Desperately need the hard drive space on my laptop and the movies are the major roadblock to reclaiming space.

Regards
Smeg


----------



## Stancestans (Apr 26, 2009)

I would say the external hdd is the problem here. Not ALL TVs will work with ALL usb drives. Many TVs are built to work with flash disks, and some can handle hard drives while some simply can't. I'm guessing your disk uses a USB 3.x interface while your TVs have a USB 2.0 interface. Even though USB 3.x is backward compatible with USB 2.0, sometimes the power provided by the USB 2.0 ports on the TVs is not enough to drive the external hdd. If your TVs have two usb ports, you can try using a Y-split cable plugged into both ports to give the extra power that may be required by the external drive. Sometimes it's not a problem with power, but the design of the TV. If the TV's firmware is not developed with the protocols and drivers needed to handle external hard disks, then no amount of tinkering will get it to work with your external hard drive. You may have better luck using a flash disk for playback of SUPPORTED media formats on the TVs and use the external hdd for storage of said media to free up the space on your Mac.


About the unsupported video format, it could be a problem with the video resolution and not the format.

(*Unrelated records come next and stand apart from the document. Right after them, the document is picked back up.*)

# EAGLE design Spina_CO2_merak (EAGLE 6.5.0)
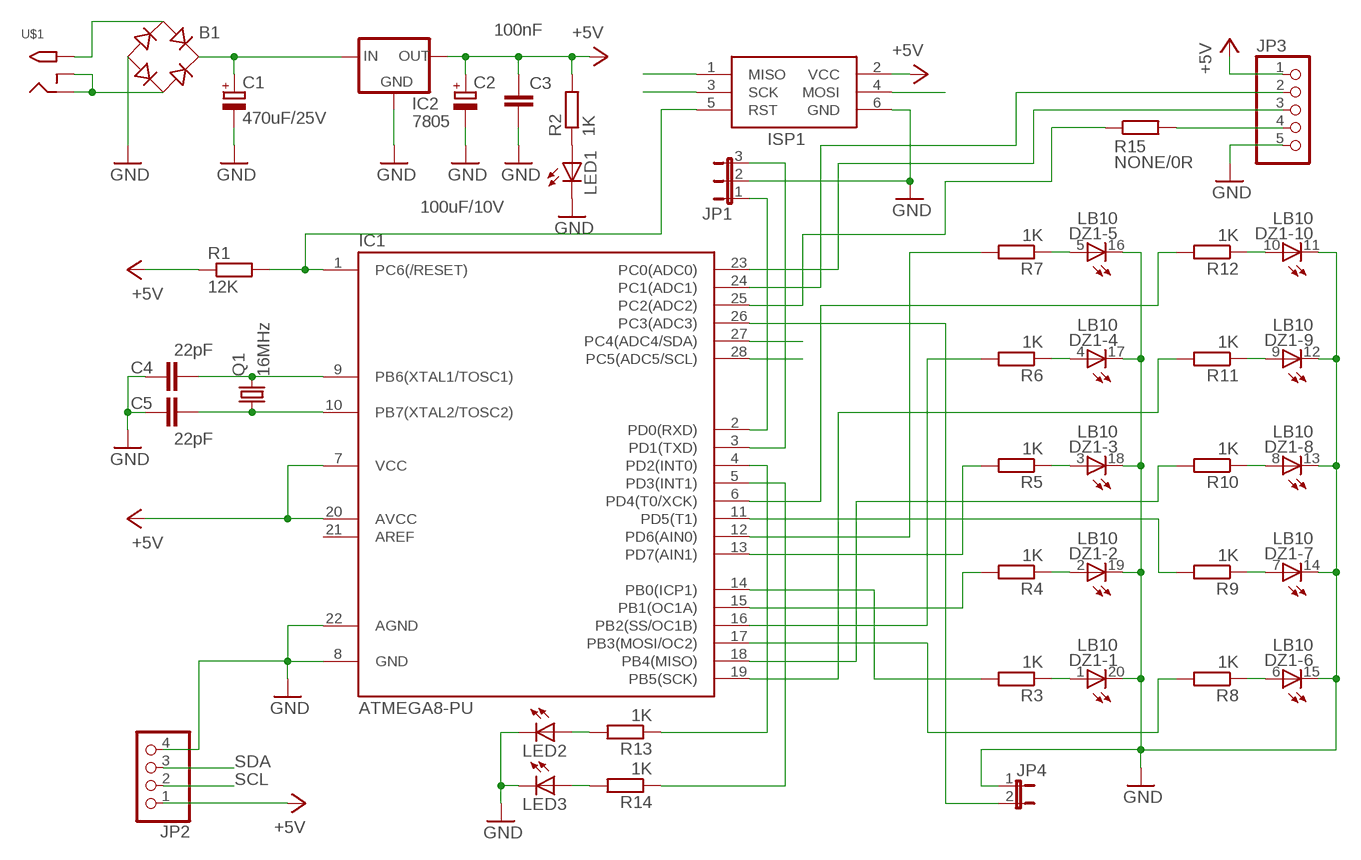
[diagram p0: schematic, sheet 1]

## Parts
B1  B-DIL  [B-DIL]
C1  470uF/25V  CPOL-EUE3.5-8  [E3,5-8]
C2  100uF/10V  CPOL-EUE2.5-6  [E2,5-6]
C3  100nF  C-EUC025_050-024X070  [C025_050-024X070]
C4  22pF  C-EUC025_050-024X070  [C025_050-024X070]
C5  22pF  C-EUC025_050-024X070  [C025_050-024X070]
DZ1  LB10  [LB10]
IC1  ATMEGA8-PU  [DIL28-3]
IC2  7805  78XXL  [78XXL]
ISP1  AVRISP-6  [AVRISP]
JP1  JP2E  [JP2]
JP2  PINHD-1X4  [1X04]
JP3  PINHD-1X5  [1X05]
JP4  JP1E  [JP1]
LED1  LED3MM  [LED3MM]
LED2  LED3MM  [LED3MM]
LED3  LED3MM  [LED3MM]
Q1  16MHz  CRYSTALHC49S  [HC49/S]
R1  12K  R-EU_0207/10  [0207/10]
R2  1K  R-EU_0207/10  [0207/10]
R3  1K  R-EU_0207/10  [0207/10]
R4  1K  R-EU_0207/10  [0207/10]
R5  1K  R-EU_0207/10  [0207/10]
R6  1K  R-EU_0207/10  [0207/10]
R7  1K  R-EU_0207/10  [0207/10]
R8  1K  R-EU_0207/10  [0207/10]
R9  1K  R-EU_0207/10  [0207/10]
R10  1K  R-EU_0207/10  [0207/10]
R11  1K  R-EU_0207/10  [0207/10]
R12  1K  R-EU_0207/10  [0207/10]
R13  1K  R-EU_0207/10  [0207/10]
R14  1K  R-EU_0207/10  [0207/10]
R15  NONE/0R  R-EU_R1206  [R1206]
U$1  2.1MMJACKTHM  [PJ-102A]

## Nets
+5V: C2.+ C3.1 IC1.7(VCC) IC1.20(AVCC) IC2.OUT ISP1.2(VCC) JP2.1 JP3.1 R1.1 R2.2
GND: B1.- C1.- C2.- C3.2 C4.1 C5.1 DZ1.11(-10:C) DZ1.12(-9:C) DZ1.13(-8:C) DZ1.14(-7:C) DZ1.15(-6:C) DZ1.16(-5:C) DZ1.17(-4:C) DZ1.18(-3:C) DZ1.19(-2:C) DZ1.20(-1:C) IC1.8(GND) IC1.22(AGND) IC2.GND ISP1.6(GND) JP1.2 JP2.4 JP3.5 JP4.1 LED1.K(C) LED2.K(C) LED3.K(C)
MISO: IC1.18(PB4(MISO)) ISP1.1(MISO) R10.2
MOSI: IC1.17(PB3(MOSI/OC2)) ISP1.4(MOSI) R8.2
N$1: B1.AC1 U$1.TIP
N$2: B1.AC2 U$1.RING U$1.RING_SW
N$3: B1.+ C1.+ IC2.IN
N$4: C4.2 IC1.9(PB6(XTAL1/TOSC1)) Q1.2
N$5: C5.2 IC1.10(PB7(XTAL2/TOSC2)) Q1.1
N$6: DZ1.5(-5:A) R7.1
N$7: IC1.1(PC6(/RESET)) ISP1.5(RST) R1.2
N$8: DZ1.10(-10:A) R12.1
N$9: LED1.A R2.1
N$10: IC1.2(PD0(RXD)) JP1.1
N$11: IC1.3(PD1(TXD)) JP1.3
N$12: DZ1.9(-9:A) R11.1
N$13: DZ1.8(-8:A) R10.1
N$14: DZ1.7(-7:A) R9.1
N$15: DZ1.2(-2:A) R4.1
N$16: DZ1.3(-3:A) R5.1
N$17: DZ1.4(-4:A) R6.1
N$18: DZ1.6(-6:A) R8.1
N$19: DZ1.1(-1:A) R3.1
N$20: IC1.24(PC1(ADC1)) JP3.2
N$21: IC1.23(PC0(ADC0)) JP3.3
N$22: IC1.25(PC2(ADC2)) R15.1
N$23: IC1.16(PB2(SS/OC1B)) R6.2
N$24: IC1.14(PB0(ICP1)) R3.2
N$25: IC1.15(PB1(OC1A)) R4.2
N$26: IC1.13(PD7(AIN1)) R5.2
N$27: IC1.11(PD5(T1)) R9.2
N$28: IC1.12(PD6(AIN0)) R7.2
N$29: IC1.6(PD4(T0/XCK)) R12.2
N$30: JP3.4 R15.2
N$31: IC1.26(PC3(ADC3)) JP4.2
N$33: LED2.A R13.2
N$34: LED3.A R14.2
N$35: IC1.4(PD2(INT0)) R13.1
N$36: IC1.5(PD3(INT1)) R14.1
SCK: IC1.19(PB5(SCK)) ISP1.3(SCK) R11.2
SCL: IC1.28(PC5(ADC5/SCL)) JP2.2
SDA: IC1.27(PC4(ADC4/SDA)) JP2.3
Unconnected: IC1.21(AREF)

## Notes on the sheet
- SDA
- SCL

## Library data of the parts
B1 = rectifier:B-DIL: RECTIFIER
C1 C2 = rcl:CPOL-EU: POLARIZED CAPACITOR, European symbol
C3-C5 = rcl:C-EU: CAPACITOR, European symbol
DZ1 = led:LB10: LED BLOCK 10-LED bar graph, DIL, Siemens
IC1 = atmega8:ATMEGA8-PU
IC2 = v-reg:78XXL: VOLTAGE REGULATOR
ISP1 = adafruit:AVRISP: AVR ISP HEADER Standard 6 pin header for AVR programming
JP1 = jumper:JP2E: JUMPER
JP2 = pinhead:PINHD-1X4: PIN HEADER
JP3 = pinhead:PINHD-1X5: PIN HEADER
JP4 = jumper:JP1E: JUMPER
LED1-LED3 = led:LED: LED
Q1 = crystal:CRYSTAL: CRYSTAL; OC_FARNELL: 1667008; OC_NEWARK: unknown
R1-R15 = rcl:R-EU_: RESISTOR, European symbol
U$1 = adafruit:2.1MMJACK: 2.1mm x 5.5mm THM DC jack with internal switch. Digikey part #PJ-102A, 4UCON part #05537 2.1mm x 5.5mm SMT DC jack with internal switch. Digikey part #PJ-002A-SMT, 4UCON part #03267 By microbuilder.eu & adafruit.com

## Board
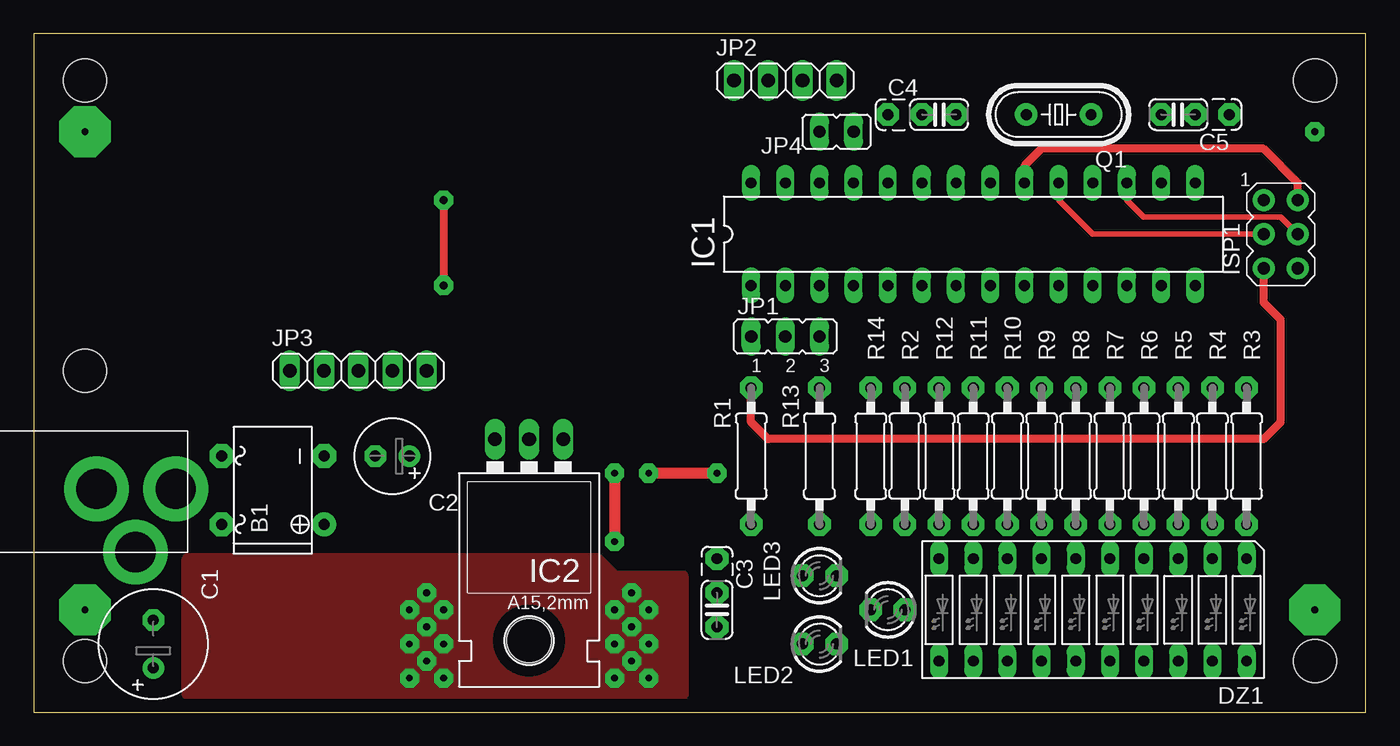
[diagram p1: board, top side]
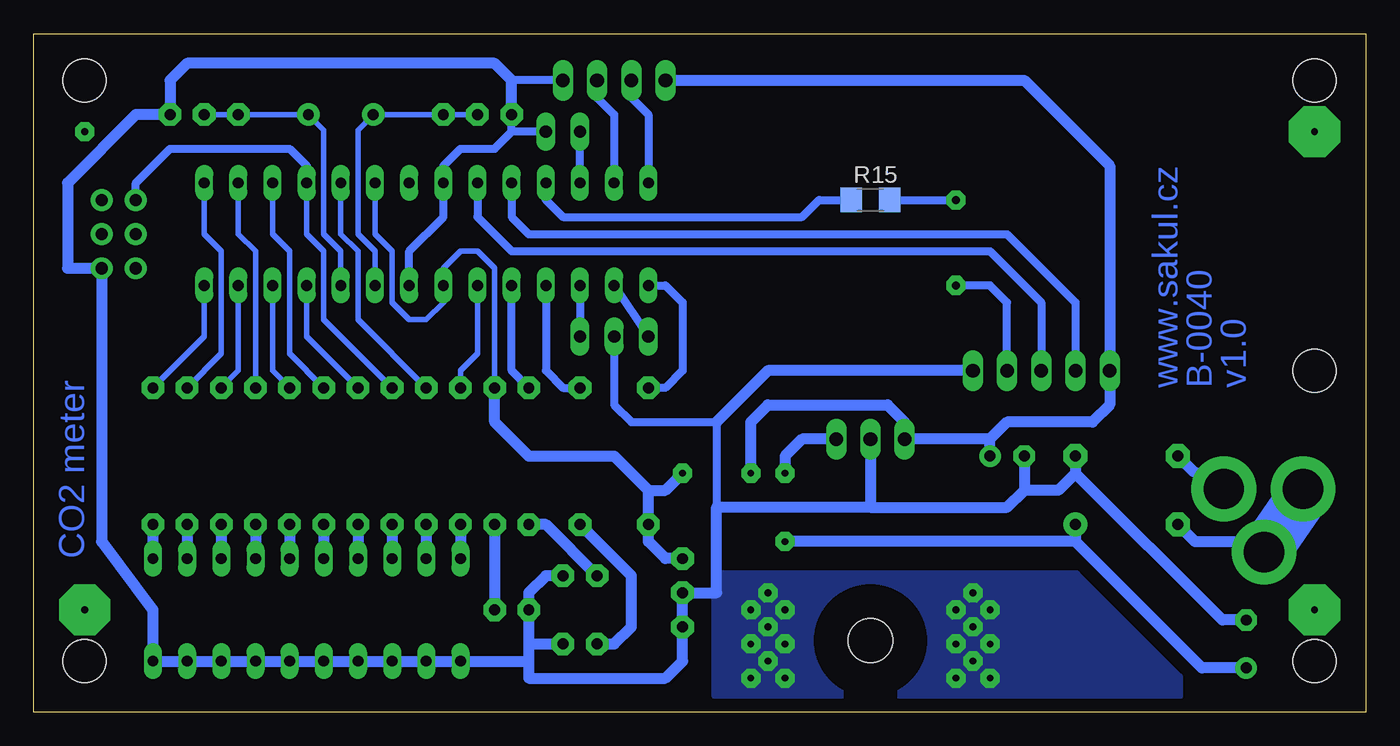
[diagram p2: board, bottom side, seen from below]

Size 99.04 x 50.47 mm. Coordinates in mm from the lower left corner, seen from the top.
Outline: 0,0 99.04,0 99.04,50.47 0,50.47 0,0
Copper layers (1*16): Top 0.035mm / dielectric 1.5mm / Bottom 0.035mm
Design rules "default": minimum track width 10mil, minimum drill 24mil, track to track 8mil, track to pad 8mil, pad to pad 8mil, via to via 8mil, smd to smd 8mil, copper to edge 40mil, drill to drill 8mil, minimum pad ring 10mil, minimum via ring 8mil, stop-mask expansion 4mil, vias tented up to drill 0mil, thermal gap 10mil
Holes 3.2 mm at 3.81,3.81 95.25,3.81 95.25,46.99 3.81,46.99 3.81,25.4

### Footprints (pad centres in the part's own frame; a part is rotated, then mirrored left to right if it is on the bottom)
B-DIL = drill 0.813 pad 1.778: + -2.54,-3.81 | drill 0.813 pad 1.778 octagon: - 2.54,-3.81; AC1 2.54,3.81; AC2 -2.54,3.81
E3,5-8 = drill 0.813 pad 1.6: + -1.778,0 | drill 0.813 pad 1.6 octagon: - 1.778,0
E2,5-6 = drill 0.813 pad 1.6: + -1.27,0 | drill 0.813 pad 1.6 octagon: - 1.27,0
C025_050-024X070 = drill 0.813 pad 1.676 octagon: 1 -3.81,0; 2 -1.27,0; 3 1.27,0
LB10 = drill 0.813 long: 1 -11.43,-3.81; 2 -8.89,-3.81; 3 -6.35,-3.81; 4 -3.81,-3.81; 5 -1.27,-3.81; 6 1.27,-3.81; 7 3.81,-3.81; 8 6.35,-3.81; 9 8.89,-3.81; 10 11.43,-3.81; 11 11.43,3.81; 12 8.89,3.81; 13 6.35,3.81; 14 3.81,3.81; 15 1.27,3.81; 16 -1.27,3.81; 17 -3.81,3.81; 18 -6.35,3.81; 19 -8.89,3.81; 20 -11.43,3.81
DIL28-3 = drill 0.813 long: 1 -16.51,-3.81; 2 -13.97,-3.81; 3 -11.43,-3.81; 4 -8.89,-3.81; 5 -6.35,-3.81; 6 -3.81,-3.81; 7 -1.27,-3.81; 8 1.27,-3.81; 9 3.81,-3.81; 10 6.35,-3.81; 11 8.89,-3.81; 12 11.43,-3.81; 13 13.97,-3.81; 14 16.51,-3.81; 15 16.51,3.81; 16 13.97,3.81; 17 11.43,3.81; 18 8.89,3.81; 19 6.35,3.81; 20 3.81,3.81; 21 1.27,3.81; 22 -1.27,3.81; 23 -3.81,3.81; 24 -6.35,3.81; 25 -8.89,3.81; 26 -11.43,3.81; 27 -13.97,3.81; 28 -16.51,3.81
78XXL = drill 1.016 long: GND 0,-3.81; IN -2.54,-3.81; OUT 2.54,-3.81 | hole 3.302: 0,11.176
AVRISP = drill 0.9 pad 1.626: 1 -1.27,2.54; 2 1.27,2.54; 3 -1.27,0; 4 1.27,0; 5 -1.27,-2.54; 6 1.27,-2.54
JP2 = drill 0.914 long: 1 -2.54,0; 2 0,0; 3 2.54,0
1X04 = drill 1.016 long: 1 -3.81,0; 2 -1.27,0; 3 1.27,0; 4 3.81,0
1X05 = drill 1.016 long: 1 -5.08,0; 2 -2.54,0; 3 0,0; 4 2.54,0; 5 5.08,0
JP1 = drill 0.914 long: 1 0,-1.27; 2 0,1.27
LED3MM = drill 0.813 pad 1.676 octagon: A -1.27,0; K 1.27,0
HC49/S = drill 0.813 pad 1.676: 1 -2.413,0; 2 2.413,0
0207/10 = drill 0.813 pad 1.676 octagon: 1 -5.08,0; 2 5.08,0
R1206 = smd 1.6 x 1.803: 1 -1.422,0; 2 1.422,0
PJ-102A = drill 3 pad 4.8: RING 0.1,-3.39; RING_SW -4.6,-6.29; TIP 0.1,-9.29

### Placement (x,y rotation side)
B1  17.78,16.51 90 top
C1  8.89,5.08 90 top
C2  26.67,19.05 180 top
C3  50.8,7.62 270 top
C4  67.31,44.45 0 top
C5  85.09,44.45 180 top
DZ1  78.74,7.62 180 top
IC1  69.85,35.56 0 top
IC2  36.83,16.51 180 top
ISP1  92.71,35.56 0 top
JP1  55.88,27.94 0 top
JP2  55.88,46.99 0 top
JP3  24.13,25.4 0 top
JP4  59.69,43.18 90 top
LED1  63.5,7.62 180 top
LED2  58.42,5.08 0 top
LED3  58.42,10.16 0 top
Q1  76.2,44.45 180 top
R1  53.34,19.05 90 top
R2  64.77,19.05 90 top
R3  90.17,19.05 90 top
R4  87.63,19.05 90 top
R5  85.09,19.05 90 top
R6  82.55,19.05 90 top
R7  80.01,19.05 90 top
R8  77.47,19.05 90 top
R9  74.93,19.05 90 top
R10  72.39,19.05 90 top
R11  69.85,19.05 90 top
R12  67.31,19.05 90 top
R13  58.42,19.05 270 top
R14  62.23,19.05 270 top
R15  36.83,38.1 0 bottom
U$1  1.27,16.51 90 top

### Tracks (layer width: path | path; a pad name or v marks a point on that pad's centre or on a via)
+5V  (via drill 0.5 pad 1.42)
  Top 0.61: ISP1.2 93.98,39.37 91.44,41.91 74.93,41.91 73.66,40.64 IC1.20
  Top 0.813: v50.8,17.78 v45.72,17.78
  Bottom 0.406: IC1.20 73.66,35.56 72.39,34.29 72.39,30.48 71.12,29.21 69.85,29.21 68.58,30.48 IC1.7 68.58,33.02 67.31,34.29 66.04,34.29 64.77,33.02 64.77,21.59
  Bottom 0.813: R2.2 64.77,21.59 62.23,19.05 55.88,19.05 53.34,16.51 | JP2.1 25.4,46.99 19.05,40.64 JP3.1 19.05,22.86 20.32,21.59 26.67,21.59 27.94,20.32 | C2.+ 27.94,20.32 | 27.94,20.32 IC2.OUT 34.29,21.59 35.56,22.86 44.45,22.86 45.72,21.59 v45.72,17.78 | C3.1 52.07,11.43 53.34,12.7 R1.1 53.34,16.51 | 53.34,16.51 52.07,16.51 v50.8,17.78
GND  (via drill 0.5 pad 1.42)
  Bottom 0.61: 63.5,43.18 64.77,41.91 67.31,41.91 68.58,40.64 IC1.22 68.58,36.83 71.12,34.29 IC1.8 | 63.5,43.18 C4.1 | JP4.1 63.5,43.18 | JP2.4 63.5,46.99 | JP1.2 55.88,22.86 54.61,21.59 48.26,21.59 48.26,15.24
  Bottom 0.813: 62.23,3.81 DZ1.11 DZ1.12 DZ1.13 DZ1.14 DZ1.15 DZ1.16 DZ1.17 DZ1.18 DZ1.19 DZ1.20 90.17,7.62 93.98,12.7 ISP1.6 96.52,33.02 96.52,39.37 91.44,44.45 C5.1 88.9,46.99 87.63,48.26 64.77,48.26 63.5,46.99 C4.1 | 62.23,5.08 LED2.K | 62.23,5.08 LED1.K 62.23,8.89 60.96,10.16 LED3.K | 62.23,5.08 62.23,3.81 | 62.23,3.81 62.23,2.54 52.07,2.54 50.8,3.81 C3.2 48.26,8.89 48.26,15.24 36.83,15.24 | C1.- 10.67,6.86 21.59,17.78 | B1.- 21.59,17.78 | 21.59,17.78 22.86,16.51 25.4,16.51 | IC2.GND 36.83,15.24 | 36.83,15.24 26.67,15.24 25.4,16.51 | C2.- 25.4,16.51 | JP3.5 44.45,25.4 48.26,21.59
  other vias: 29.21,8.89 27.94,7.62 30.48,7.62 29.21,6.35 27.94,5.08 30.48,5.08 29.21,3.81 30.48,2.54 27.94,2.54 44.45,8.89 43.18,7.62 45.72,7.62 44.45,6.35 45.72,5.08 43.18,5.08 44.45,3.81 45.72,2.54 43.18,2.54
  pour Bottom: 13.97,1.27 13.97,2.54 21.59,10.16 48.26,10.16 48.26,1.27
  pour Top: 11.43,11.43 41.91,11.43 43.18,10.16 48.26,10.16 48.26,1.27 11.43,1.27
MISO
  Bottom 0.406: IC1.18 78.74,35.56 77.47,34.29 77.47,29.21 R10.2
  Bottom 0.61: ISP1.1 91.44,39.37 88.9,41.91 80.01,41.91 78.74,40.64 IC1.18
MOSI
  Top 0.406: ISP1.4 92.71,36.83 82.55,36.83 81.28,38.1 IC1.17
  Bottom 0.406: IC1.17 81.28,35.56 80.01,34.29 80.01,26.67 R8.2
N$1
  Bottom 0.813: U$1.TIP 12.8,17.88 B1.AC1
N$2
  Bottom 0.813: B1.AC2 12.7,12.7 8.04,12.7 U$1.RING_SW
  Bottom 3.81: U$1.RING 4.66,16.08 U$1.RING_SW
N$3  (via drill 0.5 pad 1.42)
  Top 0.813: v43.18,17.78 v43.18,12.7
  Bottom 0.813: C1.+ 12.19,3.3 21.59,12.7 | IC2.IN 41.91,20.32 43.18,19.05 v43.18,17.78 | B1.+ 21.59,12.7 | 21.59,12.7 v43.18,12.7
N$4
  Bottom 0.406: C4.2 Q1.2 74.93,43.31 74.93,35.56 73.66,34.29 IC1.9
N$5
  Bottom 0.406: IC1.10 76.2,34.29 77.47,35.56 77.47,43.31 Q1.1 C5.2
N$6
  Bottom 0.813: R7.1 DZ1.5
N$7
  Top 0.61: R1.2 53.34,21.59 54.61,20.32 91.44,20.32 92.71,21.59 92.71,29.21 91.44,30.48 ISP1.5
  Bottom 0.61: IC1.1 52.07,31.75 50.8,30.48 50.8,25.4 52.07,24.13 R1.2
N$8
  Bottom 0.813: R12.1 DZ1.10
N$9
  Bottom 0.813: R2.1 LED1.A
N$10
  Bottom 0.61: IC1.2 JP1.1
N$11
  Bottom 0.61: IC1.3 JP1.3
N$12
  Bottom 0.813: R11.1 DZ1.9
N$13
  Bottom 0.813: R10.1 DZ1.8
N$14
  Bottom 0.813: R9.1 DZ1.7
N$15
  Bottom 0.813: R4.1 DZ1.2
N$16
  Bottom 0.813: R5.1 DZ1.3
N$17
  Bottom 0.813: R6.1 DZ1.4
N$18
  Bottom 0.813: R8.1 DZ1.6
N$19
  Bottom 0.813: R3.1 DZ1.1
N$20
  Bottom 0.61: IC1.24 63.5,36.83 62.23,35.56 26.67,35.56 21.59,30.48 JP3.2
N$21
  Bottom 0.61: IC1.23 66.04,36.83 63.5,34.29 27.94,34.29 24.13,30.48 JP3.3
N$22
  Bottom 0.61: IC1.25 60.96,38.1 59.69,36.83 41.91,36.83 40.64,38.1 R15.1
N$23
  Bottom 0.406: IC1.16 83.82,35.56 82.55,34.29 R6.2
N$24
  Bottom 0.406: IC1.14 86.36,27.94 R3.2
N$25
  Bottom 0.406: IC1.15 86.36,35.56 85.09,34.29 85.09,26.67 R4.2
N$26
  Bottom 0.406: IC1.13 83.82,25.4 R5.2
N$27
  Bottom 0.406: IC1.11 78.74,27.94 R9.2
N$28
  Bottom 0.406: IC1.12 81.28,25.4 R7.2
N$29
  Bottom 0.406: IC1.6 66.04,26.67 67.31,25.4 R12.2
N$30  (via drill 0.6 pad 1.42)
  Top 0.61: v30.48,38.1 v30.48,31.75
  Bottom 0.61: R15.2 v30.48,38.1 | JP3.4 26.67,30.48 27.94,31.75 v30.48,31.75
N$31
  Bottom 0.61: IC1.26 JP4.2
N$32  (via drill 0.5 pad 3.81)
  other vias: 3.81,7.62
N$33
  Bottom 0.813: LED2.A 55.88,5.08 54.61,6.35 54.61,10.16 R13.2
N$34
  Bottom 0.813: LED3.A 60.96,13.97 R14.2
N$35
  Bottom 0.61: IC1.4 60.96,25.4 59.69,24.13 R13.1
N$36
  Bottom 0.61: R14.1 63.5,25.4 IC1.5
N$37  (via drill 0.5 pad 3.81)
  other vias: 95.25,7.62
N$38  (via drill 0.5 pad 3.81)
  other vias: 3.81,43.18
N$39  (via drill 0.5 pad 1.42)
  other vias: 95.25,43.18
SCK
  Top 0.406: ISP1.3 78.74,35.56 76.2,38.1 IC1.19
  Bottom 0.406: IC1.19 76.2,35.56 74.93,34.29 74.93,29.21 R11.2
SCL
  Bottom 0.61: JP2.2 54.61,45.72 53.34,44.45 IC1.28
SDA
  Bottom 0.61: JP2.3 57.15,45.72 55.88,44.45 IC1.27

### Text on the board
Bottom: v1.0 | B-0040 | www.sakul.cz | CO2 meter

If your TVs cannot handle UHD resolutions, for example, and the format is supported, then it will throw the same error about unsupported video format. Also, the container (file format) could be mp4, but the video inside it could be of a proprietary implementation of mpeg4, for example Divx, and your tv may only support h264 content.


----------



## Smeg-Reddwarf (May 17, 2018)

Yeah that's the realisation I'm coming to as well. The HDD I'm using is a 1TB with its own power source but is definitely a USB 2.0. I'll keep playing until I find the resolution! This will not beat me - there are three TV's one has to work sometime!!


----------